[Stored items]
--------------------------------------------------
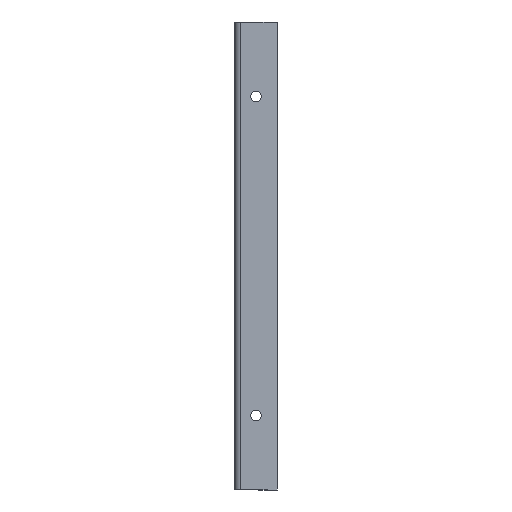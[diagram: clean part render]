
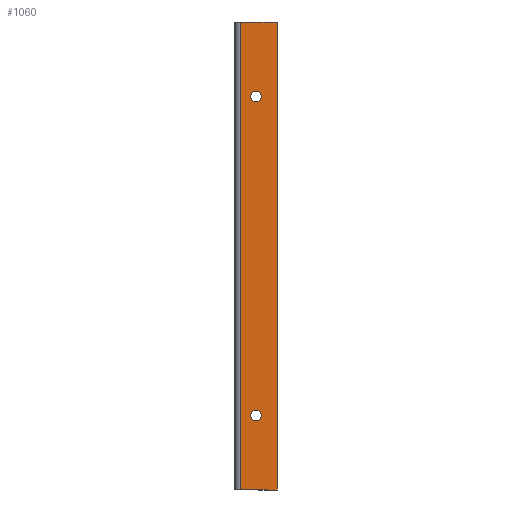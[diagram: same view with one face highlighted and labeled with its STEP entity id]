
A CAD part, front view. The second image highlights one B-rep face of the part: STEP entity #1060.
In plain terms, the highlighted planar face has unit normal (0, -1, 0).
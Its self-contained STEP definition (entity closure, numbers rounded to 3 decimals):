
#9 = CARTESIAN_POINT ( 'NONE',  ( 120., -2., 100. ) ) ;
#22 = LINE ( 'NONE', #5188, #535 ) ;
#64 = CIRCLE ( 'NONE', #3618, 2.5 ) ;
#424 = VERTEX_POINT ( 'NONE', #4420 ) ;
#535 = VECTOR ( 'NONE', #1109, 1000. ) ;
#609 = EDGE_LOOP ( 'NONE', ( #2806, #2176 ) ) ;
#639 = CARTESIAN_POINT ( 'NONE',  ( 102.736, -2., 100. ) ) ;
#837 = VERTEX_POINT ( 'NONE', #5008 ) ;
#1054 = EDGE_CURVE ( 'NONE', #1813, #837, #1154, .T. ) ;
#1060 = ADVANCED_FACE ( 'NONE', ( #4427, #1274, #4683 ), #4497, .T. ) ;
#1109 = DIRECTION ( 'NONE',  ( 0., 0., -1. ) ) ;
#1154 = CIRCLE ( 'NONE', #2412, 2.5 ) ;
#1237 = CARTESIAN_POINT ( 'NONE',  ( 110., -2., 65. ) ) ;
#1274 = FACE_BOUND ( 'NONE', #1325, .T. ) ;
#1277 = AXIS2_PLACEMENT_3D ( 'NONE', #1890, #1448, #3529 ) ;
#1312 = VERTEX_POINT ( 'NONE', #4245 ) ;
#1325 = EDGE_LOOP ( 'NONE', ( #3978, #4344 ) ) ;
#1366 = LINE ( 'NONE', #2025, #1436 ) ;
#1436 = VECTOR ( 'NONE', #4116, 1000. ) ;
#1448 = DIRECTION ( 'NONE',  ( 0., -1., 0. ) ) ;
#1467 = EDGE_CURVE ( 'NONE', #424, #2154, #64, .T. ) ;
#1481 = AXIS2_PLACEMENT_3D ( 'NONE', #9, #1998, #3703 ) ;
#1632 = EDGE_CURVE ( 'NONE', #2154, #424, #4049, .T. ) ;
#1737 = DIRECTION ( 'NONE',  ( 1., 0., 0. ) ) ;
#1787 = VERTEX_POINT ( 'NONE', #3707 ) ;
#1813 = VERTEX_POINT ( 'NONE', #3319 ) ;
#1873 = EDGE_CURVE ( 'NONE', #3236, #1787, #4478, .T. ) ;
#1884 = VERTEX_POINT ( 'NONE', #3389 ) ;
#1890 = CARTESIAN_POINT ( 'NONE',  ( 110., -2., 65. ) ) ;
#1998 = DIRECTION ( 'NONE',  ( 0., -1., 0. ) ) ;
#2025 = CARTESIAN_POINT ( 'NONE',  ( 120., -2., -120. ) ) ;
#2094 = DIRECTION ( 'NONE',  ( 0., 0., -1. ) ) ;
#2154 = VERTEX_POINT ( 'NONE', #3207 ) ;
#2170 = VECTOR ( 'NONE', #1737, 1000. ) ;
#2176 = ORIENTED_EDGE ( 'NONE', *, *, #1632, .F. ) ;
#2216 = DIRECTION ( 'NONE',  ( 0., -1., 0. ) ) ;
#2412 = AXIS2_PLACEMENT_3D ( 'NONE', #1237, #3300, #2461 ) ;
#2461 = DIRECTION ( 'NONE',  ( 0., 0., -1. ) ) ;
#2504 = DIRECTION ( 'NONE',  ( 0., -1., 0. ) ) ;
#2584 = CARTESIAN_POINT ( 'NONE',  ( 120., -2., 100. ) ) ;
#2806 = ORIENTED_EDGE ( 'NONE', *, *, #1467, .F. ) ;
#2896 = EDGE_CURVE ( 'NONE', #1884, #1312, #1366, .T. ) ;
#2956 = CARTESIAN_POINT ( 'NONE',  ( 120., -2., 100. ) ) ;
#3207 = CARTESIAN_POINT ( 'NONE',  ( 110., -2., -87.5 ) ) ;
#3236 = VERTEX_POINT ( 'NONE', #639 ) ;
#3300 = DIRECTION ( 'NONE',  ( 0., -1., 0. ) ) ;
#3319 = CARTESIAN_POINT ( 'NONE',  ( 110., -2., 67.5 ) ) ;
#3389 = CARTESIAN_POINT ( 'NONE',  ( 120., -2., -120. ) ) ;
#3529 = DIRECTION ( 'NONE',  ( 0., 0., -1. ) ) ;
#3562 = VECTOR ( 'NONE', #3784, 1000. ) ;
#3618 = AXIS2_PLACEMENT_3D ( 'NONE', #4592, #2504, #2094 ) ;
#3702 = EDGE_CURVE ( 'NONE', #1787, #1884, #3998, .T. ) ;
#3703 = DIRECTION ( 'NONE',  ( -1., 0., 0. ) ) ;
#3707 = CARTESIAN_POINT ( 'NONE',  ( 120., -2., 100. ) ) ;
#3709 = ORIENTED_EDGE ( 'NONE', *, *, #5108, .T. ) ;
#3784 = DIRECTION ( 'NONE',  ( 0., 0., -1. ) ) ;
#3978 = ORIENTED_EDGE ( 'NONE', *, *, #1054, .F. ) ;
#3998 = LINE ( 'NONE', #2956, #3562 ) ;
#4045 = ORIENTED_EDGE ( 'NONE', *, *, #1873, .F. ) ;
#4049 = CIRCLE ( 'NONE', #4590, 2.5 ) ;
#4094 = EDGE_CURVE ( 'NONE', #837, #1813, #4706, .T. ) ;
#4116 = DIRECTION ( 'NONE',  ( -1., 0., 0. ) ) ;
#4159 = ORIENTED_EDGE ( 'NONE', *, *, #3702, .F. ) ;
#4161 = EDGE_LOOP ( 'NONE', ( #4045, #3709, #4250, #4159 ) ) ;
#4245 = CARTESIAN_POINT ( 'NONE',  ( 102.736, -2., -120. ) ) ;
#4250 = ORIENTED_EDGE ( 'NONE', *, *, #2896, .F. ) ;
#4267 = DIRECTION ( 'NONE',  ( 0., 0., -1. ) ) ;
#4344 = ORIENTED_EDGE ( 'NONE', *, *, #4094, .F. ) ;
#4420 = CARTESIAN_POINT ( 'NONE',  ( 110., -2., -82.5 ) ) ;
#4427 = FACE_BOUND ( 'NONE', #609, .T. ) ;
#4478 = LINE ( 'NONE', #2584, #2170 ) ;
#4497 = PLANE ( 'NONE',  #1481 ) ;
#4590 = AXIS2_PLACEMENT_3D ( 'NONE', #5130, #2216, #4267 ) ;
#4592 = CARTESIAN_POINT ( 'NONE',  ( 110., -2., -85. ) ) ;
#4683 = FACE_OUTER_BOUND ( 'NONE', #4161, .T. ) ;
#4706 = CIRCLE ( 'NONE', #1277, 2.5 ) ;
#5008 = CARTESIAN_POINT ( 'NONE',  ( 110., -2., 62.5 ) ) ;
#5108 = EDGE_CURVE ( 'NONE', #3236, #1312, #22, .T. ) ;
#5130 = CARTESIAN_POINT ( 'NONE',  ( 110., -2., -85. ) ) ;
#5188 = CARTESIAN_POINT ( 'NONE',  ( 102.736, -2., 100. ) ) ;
--------------------------------------------------
Only the lines above starting at the one containing "#3703 = DIRECTION" and ending at the one containing "#4245 = CARTESIAN_POINT", both included, are to be returned, exactly as they read.

#3703 = DIRECTION ( 'NONE',  ( -1., 0., 0. ) ) ;
#3707 = CARTESIAN_POINT ( 'NONE',  ( 120., -2., 100. ) ) ;
#3709 = ORIENTED_EDGE ( 'NONE', *, *, #5108, .T. ) ;
#3784 = DIRECTION ( 'NONE',  ( 0., 0., -1. ) ) ;
#3978 = ORIENTED_EDGE ( 'NONE', *, *, #1054, .F. ) ;
#3998 = LINE ( 'NONE', #2956, #3562 ) ;
#4045 = ORIENTED_EDGE ( 'NONE', *, *, #1873, .F. ) ;
#4049 = CIRCLE ( 'NONE', #4590, 2.5 ) ;
#4094 = EDGE_CURVE ( 'NONE', #837, #1813, #4706, .T. ) ;
#4116 = DIRECTION ( 'NONE',  ( -1., 0., 0. ) ) ;
#4159 = ORIENTED_EDGE ( 'NONE', *, *, #3702, .F. ) ;
#4161 = EDGE_LOOP ( 'NONE', ( #4045, #3709, #4250, #4159 ) ) ;
#4245 = CARTESIAN_POINT ( 'NONE',  ( 102.736, -2., -120. ) ) ;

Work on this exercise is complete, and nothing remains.